(Collected data)
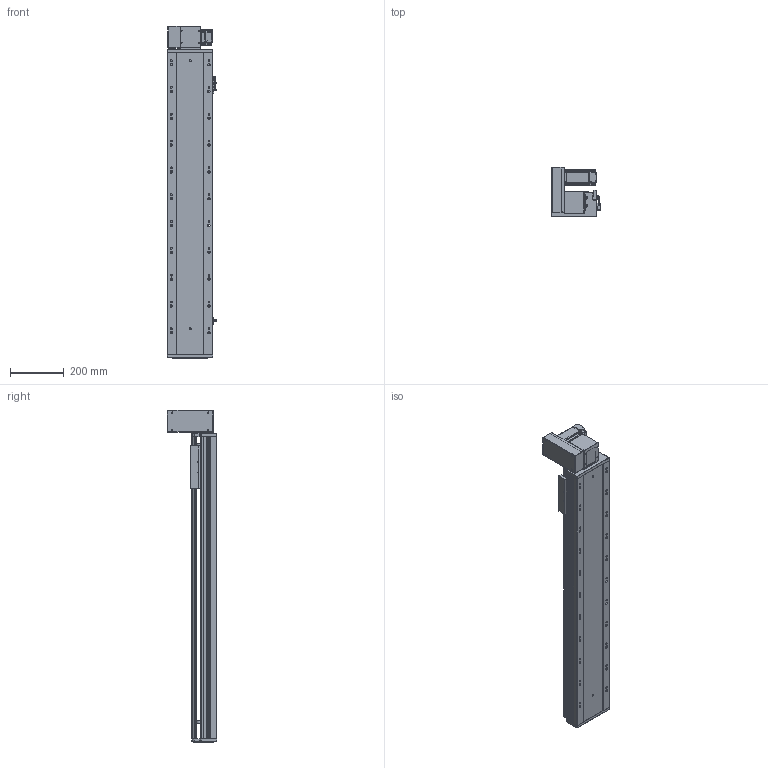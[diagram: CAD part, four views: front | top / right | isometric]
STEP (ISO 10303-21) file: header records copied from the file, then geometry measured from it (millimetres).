
FILE_DESCRIPTION (( 'STEP AP203' ), '1' );
FILE_NAME ('RY170-T-300-UL-P400W.SLDASM_850.step', '2021-03-02T02:12:38', ( '盈信电脑' ), ( '东莞市道滘镇水果街19号' ), 'SwSTEP 2.0', 'SolidWorks 2012', '' );
FILE_SCHEMA (( 'CONFIG_CONTROL_DESIGN' ));
Length unit declared in the file: millimetre
Products named in the file (18): 15; RY170-T-300-UL-P400W.SLDASM_850; RY170-T蹟翐M4; RY170肮祭謫萇儂欶; RY170同步轮电机安装板(400W); RY120-T主同步轮轴承压盖; RY170-T肮祭湍揤踡輸1; 滅袉蝶18-10; RY170-T肮祭謫裔啣; RY170-T肮祭湍揤踡輸2; RY170外置感应片(200共用）; RY170肮祭謫ヶ裔啣; RY170翋肮祭謫釱; 覜茼ん672; RY170綴裔啣; RY170肮祭湍臏賑輸; RY170-T-300肮祭謫倰第裔啣-DL_850; RY170-T-300肮祭謫倰第菁釱-DL_850
Assembly tree (20 placements, depth 2):
  RY170-T-300-UL-P400W.SLDASM_850
    RY170-T-300肮祭謫倰第菁釱-DL_850
    RY170肮祭湍臏賑輸
    RY170-T-300肮祭謫倰第裔啣-DL_850
    RY170綴裔啣
    覜茼ん672  x3
    RY170外置感应片(200共用）
    RY170肮祭謫ヶ裔啣
    RY170翋肮祭謫釱
    RY170-T肮祭湍揤踡輸1
    RY170-T肮祭湍揤踡輸2
    RY170-T肮祭謫裔啣
    滅袉蝶18-10  x2
    RY120-T主同步轮轴承压盖
    RY170肮祭謫萇儂欶
    RY170同步轮电机安装板(400W)
    RY170-T蹟翐M4
    15
Bounding box: 183.7 x 184 x 1238 mm (x, y, z)
Volume: 6231496.6 mm3; surface area: 2104864.9 mm2
Topology: 20 solids, 20 shells, 2653 faces, 7498 edges, 4817 vertices
Faces by surface type: cylinder 1242, plane 1153, cone 228, bspline 30
Entity records: 86352 total; most frequent: CARTESIAN_POINT 20118, ORIENTED_EDGE 13656, DIRECTION 13182, EDGE_CURVE 6828, AXIS2_PLACEMENT_3D 4643, VERTEX_POINT 4485, VECTOR 3896, LINE 3896

* **Task directions**
The copy should match each line above exactly and contain no images.

* **Output for this exercise**
[diagram: CAD part, four views: front | top / right | isometric]
STEP (ISO 10303-21) file: header records copied from the file, then geometry measured from it (millimetres).
FILE_DESCRIPTION (( 'STEP AP203' ), '1' );
FILE_NAME ('RY170-T-300-UL-P400W.SLDASM_850.step', '2021-03-02T02:12:38', ( '盈信电脑' ), ( '东莞市道滘镇水果街19号' ), 'SwSTEP 2.0', 'SolidWorks 2012', '' );
FILE_SCHEMA (( 'CONFIG_CONTROL_DESIGN' ));
Length unit declared in the file: millimetre
Products named in the file (18): 15; RY170-T-300-UL-P400W.SLDASM_850; RY170-T蹟翐M4; RY170肮祭謫萇儂欶; RY170同步轮电机安装板(400W); RY120-T主同步轮轴承压盖; RY170-T肮祭湍揤踡輸1; 滅袉蝶18-10; RY170-T肮祭謫裔啣; RY170-T肮祭湍揤踡輸2; RY170外置感应片(200共用）; RY170肮祭謫ヶ裔啣; RY170翋肮祭謫釱; 覜茼ん672; RY170綴裔啣; RY170肮祭湍臏賑輸; RY170-T-300肮祭謫倰第裔啣-DL_850; RY170-T-300肮祭謫倰第菁釱-DL_850
Assembly tree (20 placements, depth 2):
  RY170-T-300-UL-P400W.SLDASM_850
    RY170-T-300肮祭謫倰第菁釱-DL_850
    RY170肮祭湍臏賑輸
    RY170-T-300肮祭謫倰第裔啣-DL_850
    RY170綴裔啣
    覜茼ん672  x3
    RY170外置感应片(200共用）
    RY170肮祭謫ヶ裔啣
    RY170翋肮祭謫釱
    RY170-T肮祭湍揤踡輸1
    RY170-T肮祭湍揤踡輸2
    RY170-T肮祭謫裔啣
    滅袉蝶18-10  x2
    RY120-T主同步轮轴承压盖
    RY170肮祭謫萇儂欶
    RY170同步轮电机安装板(400W)
    RY170-T蹟翐M4
    15
Bounding box: 183.7 x 184 x 1238 mm (x, y, z)
Volume: 6231496.6 mm3; surface area: 2104864.9 mm2
Topology: 20 solids, 20 shells, 2653 faces, 7498 edges, 4817 vertices
Faces by surface type: cylinder 1242, plane 1153, cone 228, bspline 30
Entity records: 86352 total; most frequent: CARTESIAN_POINT 20118, ORIENTED_EDGE 13656, DIRECTION 13182, EDGE_CURVE 6828, AXIS2_PLACEMENT_3D 4643, VERTEX_POINT 4485, VECTOR 3896, LINE 3896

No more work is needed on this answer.